Las voces críticas con la política de la pacificación y el funcionamiento anacrónico de una policía violenta no vienen solo desde dentro de las favelas. Robson Rodrigues es un expolicía licenciado en derecho y con posgrado en antropología, que coordinó las UPP antes de abandonar la policía en 2013 por discrepancias con sus superiores. Él asegura que la pacificación “se ha convertido en una política más cuantitativa que cualitativa”. “Para llevar a cabo en áreas complejas un proyecto osado, que con 10.000 policías es uno de los más amplios del mundo, hay que reformar las estructuras de la Policía”, dice Rodrigues. La crisis económica que ha dejado un Estado fallido está mermando aún más los medios de la policía. “Hay cosas positivas en la pacificación, como una cierta proximidad y reducción de antagonismos y violencia en algunas regiones”, dice Rodrigues.
Pero en la agenda política nacional, el debate es prácticamente nulo. No se habló de la violencia en los debates electorales de 2014, antes de que Dilma Rousseff fuese reelegida (después fue alejada temporalmente, al menos hasta después de los Juegos, tras un proceso de ‘impeachment’). Como si los 50.000 homicidios al año cometidos en el país fuesen un problema menor. Los gobiernos de Lula y Rousseff, entre 2002 y 2016, llevaron agua, hospitales y comida a lugares de miseria y sacaron a millones de la pobreza. Pero no hicieron gran esfuerzo por reducir la violencia de las zonas periféricas.
De esta indiferencia da cuenta con contundentes ejemplos Luiz Eduardo Soares, antropólogo especializado en seguridad pública que llegó a redactar un ambicioso proyecto para el gobierno Lula. El plan no se cumplió nunca porque fue destituido poco después de que el ex presidente llegara al poder: “En 2001, estaba con Lula, aún precandidato, en una reunión con los vecinos de uno de los barrios más peligrosos de Sao Paulo y del mundo. Me dijo al oído, con esa voz ronca que tiene: ‘No aguanto más, esta gente no habla de educación ni de trabajo, solo de la policía’. Le respondí: ‘Claro, eres el líder más importante de América Latina y nunca has hablado de la policía. Para hablar de educación, primero tienes que saber que tu hijo llegará vivo a casa’. Soñé que esto le estimularía para luchar por la seguridad del país, pero nada.
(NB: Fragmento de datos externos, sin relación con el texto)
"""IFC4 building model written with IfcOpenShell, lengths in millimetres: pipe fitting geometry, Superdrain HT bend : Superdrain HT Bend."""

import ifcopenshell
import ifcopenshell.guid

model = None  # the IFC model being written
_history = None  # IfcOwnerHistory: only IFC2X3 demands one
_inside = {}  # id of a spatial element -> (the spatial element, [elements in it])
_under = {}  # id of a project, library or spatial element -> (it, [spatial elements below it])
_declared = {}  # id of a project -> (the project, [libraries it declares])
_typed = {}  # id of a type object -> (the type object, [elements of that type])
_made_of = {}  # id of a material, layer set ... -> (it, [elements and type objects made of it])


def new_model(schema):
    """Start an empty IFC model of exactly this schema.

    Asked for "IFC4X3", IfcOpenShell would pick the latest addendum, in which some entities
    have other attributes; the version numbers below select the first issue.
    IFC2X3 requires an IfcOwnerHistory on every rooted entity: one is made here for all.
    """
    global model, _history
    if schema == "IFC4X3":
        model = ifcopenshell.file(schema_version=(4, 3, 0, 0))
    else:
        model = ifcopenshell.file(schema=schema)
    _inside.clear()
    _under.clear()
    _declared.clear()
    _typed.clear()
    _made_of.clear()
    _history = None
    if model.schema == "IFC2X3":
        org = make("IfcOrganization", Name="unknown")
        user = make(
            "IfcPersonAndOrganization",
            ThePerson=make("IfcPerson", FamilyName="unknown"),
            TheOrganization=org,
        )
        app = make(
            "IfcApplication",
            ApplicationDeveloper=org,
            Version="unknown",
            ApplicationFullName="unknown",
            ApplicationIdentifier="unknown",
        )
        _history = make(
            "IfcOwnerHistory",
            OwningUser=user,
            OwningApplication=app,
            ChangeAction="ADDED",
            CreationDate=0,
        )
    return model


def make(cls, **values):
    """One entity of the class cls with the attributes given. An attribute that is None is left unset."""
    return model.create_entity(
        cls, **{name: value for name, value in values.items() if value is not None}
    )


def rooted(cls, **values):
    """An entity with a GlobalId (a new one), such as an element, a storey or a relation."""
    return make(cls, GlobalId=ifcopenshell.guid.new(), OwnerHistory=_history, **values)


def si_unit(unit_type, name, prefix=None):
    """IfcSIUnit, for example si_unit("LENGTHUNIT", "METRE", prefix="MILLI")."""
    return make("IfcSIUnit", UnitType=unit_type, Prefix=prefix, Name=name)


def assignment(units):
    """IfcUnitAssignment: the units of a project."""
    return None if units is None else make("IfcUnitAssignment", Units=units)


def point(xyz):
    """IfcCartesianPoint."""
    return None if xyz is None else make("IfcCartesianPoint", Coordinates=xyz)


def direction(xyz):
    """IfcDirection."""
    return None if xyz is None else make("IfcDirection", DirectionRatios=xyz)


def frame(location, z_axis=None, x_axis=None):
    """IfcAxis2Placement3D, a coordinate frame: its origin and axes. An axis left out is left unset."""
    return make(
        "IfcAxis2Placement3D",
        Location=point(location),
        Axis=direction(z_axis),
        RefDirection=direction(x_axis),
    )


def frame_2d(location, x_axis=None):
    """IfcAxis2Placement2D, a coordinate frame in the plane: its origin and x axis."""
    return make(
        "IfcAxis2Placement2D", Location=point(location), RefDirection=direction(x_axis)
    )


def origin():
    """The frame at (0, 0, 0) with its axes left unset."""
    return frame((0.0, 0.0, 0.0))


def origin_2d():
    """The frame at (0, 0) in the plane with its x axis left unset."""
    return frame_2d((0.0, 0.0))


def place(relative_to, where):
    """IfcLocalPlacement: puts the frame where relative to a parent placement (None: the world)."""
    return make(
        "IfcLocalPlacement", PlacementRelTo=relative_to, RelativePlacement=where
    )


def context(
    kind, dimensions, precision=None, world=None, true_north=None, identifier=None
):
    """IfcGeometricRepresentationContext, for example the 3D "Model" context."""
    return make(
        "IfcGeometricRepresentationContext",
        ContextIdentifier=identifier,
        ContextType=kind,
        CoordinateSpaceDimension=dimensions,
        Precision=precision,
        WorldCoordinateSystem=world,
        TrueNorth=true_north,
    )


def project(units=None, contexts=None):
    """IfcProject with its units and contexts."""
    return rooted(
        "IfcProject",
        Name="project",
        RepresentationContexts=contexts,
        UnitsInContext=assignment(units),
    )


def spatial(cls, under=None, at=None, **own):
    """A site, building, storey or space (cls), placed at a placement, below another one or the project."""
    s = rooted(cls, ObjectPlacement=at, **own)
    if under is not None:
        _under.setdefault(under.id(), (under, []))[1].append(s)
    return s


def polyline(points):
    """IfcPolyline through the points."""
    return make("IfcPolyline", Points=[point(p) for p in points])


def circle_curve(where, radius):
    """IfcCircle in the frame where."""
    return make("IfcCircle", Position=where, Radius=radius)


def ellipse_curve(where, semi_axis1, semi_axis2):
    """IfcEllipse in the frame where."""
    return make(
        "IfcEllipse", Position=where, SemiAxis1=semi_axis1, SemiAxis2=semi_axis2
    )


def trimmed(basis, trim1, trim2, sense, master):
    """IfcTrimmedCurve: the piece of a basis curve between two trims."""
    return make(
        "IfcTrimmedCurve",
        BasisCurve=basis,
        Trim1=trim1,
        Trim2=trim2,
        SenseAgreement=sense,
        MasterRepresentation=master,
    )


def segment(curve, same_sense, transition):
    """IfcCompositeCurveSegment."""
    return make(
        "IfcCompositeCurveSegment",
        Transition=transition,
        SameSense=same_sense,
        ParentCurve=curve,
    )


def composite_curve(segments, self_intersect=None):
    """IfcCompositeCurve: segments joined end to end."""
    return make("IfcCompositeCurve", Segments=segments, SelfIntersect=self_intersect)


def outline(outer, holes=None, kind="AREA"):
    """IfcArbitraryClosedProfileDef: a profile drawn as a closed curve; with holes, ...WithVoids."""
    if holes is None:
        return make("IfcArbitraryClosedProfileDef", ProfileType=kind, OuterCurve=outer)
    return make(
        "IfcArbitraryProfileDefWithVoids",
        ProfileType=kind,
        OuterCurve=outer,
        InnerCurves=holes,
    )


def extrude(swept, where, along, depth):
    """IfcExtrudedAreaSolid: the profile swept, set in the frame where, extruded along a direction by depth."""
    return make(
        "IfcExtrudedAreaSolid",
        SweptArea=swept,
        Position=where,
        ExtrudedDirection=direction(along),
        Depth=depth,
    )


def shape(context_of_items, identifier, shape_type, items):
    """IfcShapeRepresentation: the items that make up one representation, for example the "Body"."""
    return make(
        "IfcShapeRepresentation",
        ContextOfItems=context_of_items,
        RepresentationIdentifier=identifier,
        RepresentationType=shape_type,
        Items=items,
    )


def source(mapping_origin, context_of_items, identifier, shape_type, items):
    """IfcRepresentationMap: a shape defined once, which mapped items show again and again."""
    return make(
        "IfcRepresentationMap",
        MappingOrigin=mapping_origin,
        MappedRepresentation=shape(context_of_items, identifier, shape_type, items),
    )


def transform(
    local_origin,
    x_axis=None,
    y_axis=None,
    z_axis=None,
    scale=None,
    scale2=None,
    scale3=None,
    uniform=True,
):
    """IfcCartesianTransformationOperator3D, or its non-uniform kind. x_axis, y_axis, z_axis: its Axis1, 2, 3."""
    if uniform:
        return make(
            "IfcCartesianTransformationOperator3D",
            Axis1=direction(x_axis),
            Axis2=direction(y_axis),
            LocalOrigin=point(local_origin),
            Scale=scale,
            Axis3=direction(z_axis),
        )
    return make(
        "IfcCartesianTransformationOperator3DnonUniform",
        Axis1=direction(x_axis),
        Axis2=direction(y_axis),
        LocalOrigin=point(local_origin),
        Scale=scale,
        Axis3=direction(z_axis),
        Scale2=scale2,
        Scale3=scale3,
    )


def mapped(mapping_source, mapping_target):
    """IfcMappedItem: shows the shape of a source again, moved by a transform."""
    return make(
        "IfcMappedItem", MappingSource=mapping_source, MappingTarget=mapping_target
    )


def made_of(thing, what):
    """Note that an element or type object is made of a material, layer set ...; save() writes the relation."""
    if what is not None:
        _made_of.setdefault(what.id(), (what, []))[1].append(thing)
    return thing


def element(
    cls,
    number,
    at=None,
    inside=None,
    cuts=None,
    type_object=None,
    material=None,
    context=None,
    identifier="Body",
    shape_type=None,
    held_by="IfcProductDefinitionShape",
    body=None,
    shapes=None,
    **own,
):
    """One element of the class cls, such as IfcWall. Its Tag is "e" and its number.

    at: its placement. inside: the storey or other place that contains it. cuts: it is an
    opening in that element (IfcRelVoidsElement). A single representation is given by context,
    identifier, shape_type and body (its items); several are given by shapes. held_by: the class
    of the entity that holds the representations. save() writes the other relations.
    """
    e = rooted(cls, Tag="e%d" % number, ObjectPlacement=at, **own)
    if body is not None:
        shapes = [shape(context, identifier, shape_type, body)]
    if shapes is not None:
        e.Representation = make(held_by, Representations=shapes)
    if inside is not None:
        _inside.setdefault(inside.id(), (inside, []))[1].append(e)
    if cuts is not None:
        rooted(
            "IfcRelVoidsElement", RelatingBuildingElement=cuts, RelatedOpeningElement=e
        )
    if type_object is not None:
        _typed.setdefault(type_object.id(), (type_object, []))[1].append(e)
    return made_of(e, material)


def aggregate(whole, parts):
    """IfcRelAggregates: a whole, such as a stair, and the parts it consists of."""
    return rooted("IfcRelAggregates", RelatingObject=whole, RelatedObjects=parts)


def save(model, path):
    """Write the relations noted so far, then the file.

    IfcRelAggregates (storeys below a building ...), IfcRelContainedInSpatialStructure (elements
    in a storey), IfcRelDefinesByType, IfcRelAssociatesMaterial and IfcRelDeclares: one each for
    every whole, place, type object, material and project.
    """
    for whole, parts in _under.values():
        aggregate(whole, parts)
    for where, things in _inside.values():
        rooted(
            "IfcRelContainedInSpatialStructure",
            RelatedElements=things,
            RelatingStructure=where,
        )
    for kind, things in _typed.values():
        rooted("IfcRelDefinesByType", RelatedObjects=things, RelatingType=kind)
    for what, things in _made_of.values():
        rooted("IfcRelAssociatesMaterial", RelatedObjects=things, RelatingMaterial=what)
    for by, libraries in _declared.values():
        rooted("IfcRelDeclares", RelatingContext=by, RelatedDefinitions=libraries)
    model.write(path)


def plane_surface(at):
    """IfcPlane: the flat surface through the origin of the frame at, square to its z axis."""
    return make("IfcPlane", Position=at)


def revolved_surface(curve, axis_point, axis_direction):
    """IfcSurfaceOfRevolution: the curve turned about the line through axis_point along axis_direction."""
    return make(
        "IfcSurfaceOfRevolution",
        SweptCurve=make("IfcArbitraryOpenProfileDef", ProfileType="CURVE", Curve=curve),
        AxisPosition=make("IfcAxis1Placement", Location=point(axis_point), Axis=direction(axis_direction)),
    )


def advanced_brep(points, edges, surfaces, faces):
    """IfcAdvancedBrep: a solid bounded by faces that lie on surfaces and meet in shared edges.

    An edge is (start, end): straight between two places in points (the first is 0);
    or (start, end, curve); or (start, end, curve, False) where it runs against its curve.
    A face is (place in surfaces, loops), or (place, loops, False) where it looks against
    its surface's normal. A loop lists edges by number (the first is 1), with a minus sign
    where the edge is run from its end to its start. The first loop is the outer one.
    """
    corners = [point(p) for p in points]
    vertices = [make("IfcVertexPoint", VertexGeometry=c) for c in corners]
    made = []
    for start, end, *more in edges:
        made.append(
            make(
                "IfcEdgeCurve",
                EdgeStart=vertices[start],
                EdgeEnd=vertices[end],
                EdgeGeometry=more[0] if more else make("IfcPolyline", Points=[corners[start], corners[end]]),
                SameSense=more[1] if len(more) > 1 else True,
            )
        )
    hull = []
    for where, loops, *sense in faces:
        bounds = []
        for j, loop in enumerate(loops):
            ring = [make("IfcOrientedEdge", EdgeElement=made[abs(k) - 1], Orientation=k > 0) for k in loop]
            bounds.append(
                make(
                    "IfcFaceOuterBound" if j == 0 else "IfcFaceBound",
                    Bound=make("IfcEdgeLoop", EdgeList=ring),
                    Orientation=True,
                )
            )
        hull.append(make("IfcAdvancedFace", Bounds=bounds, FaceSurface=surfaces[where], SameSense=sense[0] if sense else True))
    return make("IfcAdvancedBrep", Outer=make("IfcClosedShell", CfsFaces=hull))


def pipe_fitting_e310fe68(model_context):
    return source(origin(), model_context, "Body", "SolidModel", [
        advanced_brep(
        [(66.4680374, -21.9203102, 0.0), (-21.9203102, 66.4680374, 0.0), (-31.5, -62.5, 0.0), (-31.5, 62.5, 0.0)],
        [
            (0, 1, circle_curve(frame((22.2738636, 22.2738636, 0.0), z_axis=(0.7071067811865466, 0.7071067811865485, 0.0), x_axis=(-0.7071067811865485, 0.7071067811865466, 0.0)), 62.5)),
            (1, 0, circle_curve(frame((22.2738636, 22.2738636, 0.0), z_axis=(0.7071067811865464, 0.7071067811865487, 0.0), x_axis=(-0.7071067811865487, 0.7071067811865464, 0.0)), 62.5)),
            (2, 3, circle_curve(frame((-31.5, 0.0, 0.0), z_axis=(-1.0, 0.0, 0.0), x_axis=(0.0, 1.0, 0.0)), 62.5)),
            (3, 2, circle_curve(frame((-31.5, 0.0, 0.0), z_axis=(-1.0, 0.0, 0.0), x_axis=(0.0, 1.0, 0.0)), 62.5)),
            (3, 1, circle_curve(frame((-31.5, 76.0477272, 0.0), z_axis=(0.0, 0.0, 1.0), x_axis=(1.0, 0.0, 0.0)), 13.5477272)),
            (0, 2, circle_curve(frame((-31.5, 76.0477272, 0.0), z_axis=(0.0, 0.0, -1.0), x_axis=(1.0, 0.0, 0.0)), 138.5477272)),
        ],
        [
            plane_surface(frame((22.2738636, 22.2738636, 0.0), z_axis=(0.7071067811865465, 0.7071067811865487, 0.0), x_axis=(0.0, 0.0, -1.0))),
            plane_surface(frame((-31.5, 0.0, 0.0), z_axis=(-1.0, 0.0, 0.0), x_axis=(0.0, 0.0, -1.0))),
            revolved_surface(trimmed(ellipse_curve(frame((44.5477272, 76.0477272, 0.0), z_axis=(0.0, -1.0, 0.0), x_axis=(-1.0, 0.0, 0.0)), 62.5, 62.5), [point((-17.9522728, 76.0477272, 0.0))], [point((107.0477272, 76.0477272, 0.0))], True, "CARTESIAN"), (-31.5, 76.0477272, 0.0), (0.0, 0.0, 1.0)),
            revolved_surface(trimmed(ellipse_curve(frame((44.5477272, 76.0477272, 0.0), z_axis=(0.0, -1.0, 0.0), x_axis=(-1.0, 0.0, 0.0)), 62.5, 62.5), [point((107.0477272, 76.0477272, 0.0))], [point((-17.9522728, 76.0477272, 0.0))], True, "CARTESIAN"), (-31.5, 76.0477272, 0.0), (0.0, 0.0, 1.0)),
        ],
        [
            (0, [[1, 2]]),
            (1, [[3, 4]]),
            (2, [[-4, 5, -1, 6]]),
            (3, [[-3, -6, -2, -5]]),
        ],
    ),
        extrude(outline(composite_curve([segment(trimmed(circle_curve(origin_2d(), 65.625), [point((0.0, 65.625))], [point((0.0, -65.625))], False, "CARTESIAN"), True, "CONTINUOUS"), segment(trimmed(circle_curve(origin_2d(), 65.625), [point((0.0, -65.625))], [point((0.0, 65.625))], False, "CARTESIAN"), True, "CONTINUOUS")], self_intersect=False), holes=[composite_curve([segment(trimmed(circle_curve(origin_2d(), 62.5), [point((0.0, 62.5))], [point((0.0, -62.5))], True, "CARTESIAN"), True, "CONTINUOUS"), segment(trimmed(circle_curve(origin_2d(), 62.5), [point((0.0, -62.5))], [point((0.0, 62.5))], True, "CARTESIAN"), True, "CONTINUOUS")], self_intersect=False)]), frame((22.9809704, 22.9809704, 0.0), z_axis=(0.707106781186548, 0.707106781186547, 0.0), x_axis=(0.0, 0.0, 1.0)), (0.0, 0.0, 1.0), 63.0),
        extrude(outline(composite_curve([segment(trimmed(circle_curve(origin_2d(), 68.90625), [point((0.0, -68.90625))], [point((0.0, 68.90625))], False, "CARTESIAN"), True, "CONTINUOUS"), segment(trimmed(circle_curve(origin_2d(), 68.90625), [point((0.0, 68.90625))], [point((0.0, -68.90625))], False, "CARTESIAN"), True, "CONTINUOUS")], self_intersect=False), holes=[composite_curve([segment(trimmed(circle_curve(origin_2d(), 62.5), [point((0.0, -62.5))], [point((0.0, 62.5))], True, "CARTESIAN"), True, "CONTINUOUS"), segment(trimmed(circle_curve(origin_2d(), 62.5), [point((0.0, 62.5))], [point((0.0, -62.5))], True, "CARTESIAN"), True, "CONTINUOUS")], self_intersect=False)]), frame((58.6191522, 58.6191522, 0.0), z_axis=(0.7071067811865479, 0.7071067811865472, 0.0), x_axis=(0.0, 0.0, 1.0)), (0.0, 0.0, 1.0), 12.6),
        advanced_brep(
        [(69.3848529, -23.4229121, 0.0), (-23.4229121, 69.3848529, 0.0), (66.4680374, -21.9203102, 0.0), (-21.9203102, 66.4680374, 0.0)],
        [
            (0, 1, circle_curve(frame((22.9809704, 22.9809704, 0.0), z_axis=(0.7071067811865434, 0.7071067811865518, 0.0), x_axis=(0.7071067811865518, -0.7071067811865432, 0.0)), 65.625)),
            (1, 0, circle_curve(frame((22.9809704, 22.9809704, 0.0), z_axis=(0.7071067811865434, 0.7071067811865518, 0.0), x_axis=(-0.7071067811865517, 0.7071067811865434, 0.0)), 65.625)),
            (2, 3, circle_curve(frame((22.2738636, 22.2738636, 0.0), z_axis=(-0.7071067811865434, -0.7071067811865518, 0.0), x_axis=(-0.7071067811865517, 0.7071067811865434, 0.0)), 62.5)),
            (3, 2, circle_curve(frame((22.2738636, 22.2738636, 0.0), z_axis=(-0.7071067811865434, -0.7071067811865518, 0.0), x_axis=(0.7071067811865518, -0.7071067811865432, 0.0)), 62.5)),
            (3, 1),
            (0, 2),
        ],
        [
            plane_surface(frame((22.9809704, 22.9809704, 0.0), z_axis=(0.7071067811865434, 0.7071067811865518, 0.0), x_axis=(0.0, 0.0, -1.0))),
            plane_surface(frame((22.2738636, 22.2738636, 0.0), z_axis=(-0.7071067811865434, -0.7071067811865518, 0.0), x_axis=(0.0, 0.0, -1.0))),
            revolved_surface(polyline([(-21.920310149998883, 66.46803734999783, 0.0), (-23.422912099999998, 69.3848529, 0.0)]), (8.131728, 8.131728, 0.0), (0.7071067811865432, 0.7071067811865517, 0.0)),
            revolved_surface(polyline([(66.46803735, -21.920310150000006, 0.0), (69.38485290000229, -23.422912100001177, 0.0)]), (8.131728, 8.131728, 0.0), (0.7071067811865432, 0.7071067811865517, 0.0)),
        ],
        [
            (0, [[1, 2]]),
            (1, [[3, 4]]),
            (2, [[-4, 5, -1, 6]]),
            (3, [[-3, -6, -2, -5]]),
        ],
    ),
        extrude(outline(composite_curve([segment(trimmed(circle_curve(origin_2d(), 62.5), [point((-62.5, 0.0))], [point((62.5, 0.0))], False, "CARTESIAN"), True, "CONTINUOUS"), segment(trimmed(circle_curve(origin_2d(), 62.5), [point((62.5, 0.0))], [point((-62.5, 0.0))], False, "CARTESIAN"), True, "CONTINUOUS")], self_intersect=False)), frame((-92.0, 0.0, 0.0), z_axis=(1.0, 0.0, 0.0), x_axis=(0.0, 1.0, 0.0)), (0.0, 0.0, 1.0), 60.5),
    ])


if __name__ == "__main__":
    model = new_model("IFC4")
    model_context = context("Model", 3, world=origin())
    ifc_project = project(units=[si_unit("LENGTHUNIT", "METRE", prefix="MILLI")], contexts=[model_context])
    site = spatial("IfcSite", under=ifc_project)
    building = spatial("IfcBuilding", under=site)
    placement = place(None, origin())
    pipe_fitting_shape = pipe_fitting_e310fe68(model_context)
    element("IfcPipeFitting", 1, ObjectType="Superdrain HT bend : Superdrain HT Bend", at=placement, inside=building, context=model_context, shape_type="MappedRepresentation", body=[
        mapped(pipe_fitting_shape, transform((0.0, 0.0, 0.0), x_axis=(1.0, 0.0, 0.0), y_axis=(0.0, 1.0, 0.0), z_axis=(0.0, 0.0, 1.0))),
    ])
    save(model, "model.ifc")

Me cesaron al poco de empezar su mandato y nunca fue aprobado otro plan de seguridad ambicioso”.
Desigualdad social. Acelerados y desorganizados desarrollos urbanos a partir de una migración rural que aterriza en las grandes ciudades sin herramientas para conseguir empleo. Guetos. Falta de oportunidades, especialmente para la comunidad negra. Un racismo velado que se refleja en la estratificación social. La facilidad para hacerse con un arma. La ausencia del Estado en las favelas. Todas son causas estructurales de una violencia generada sobre todo en el entorno del narcotráfico. La entrada en este escenario de una policía con formación militar no ha sido la mejor solución. Con rebautizar como “pacificadoras” a las patrullas no basta.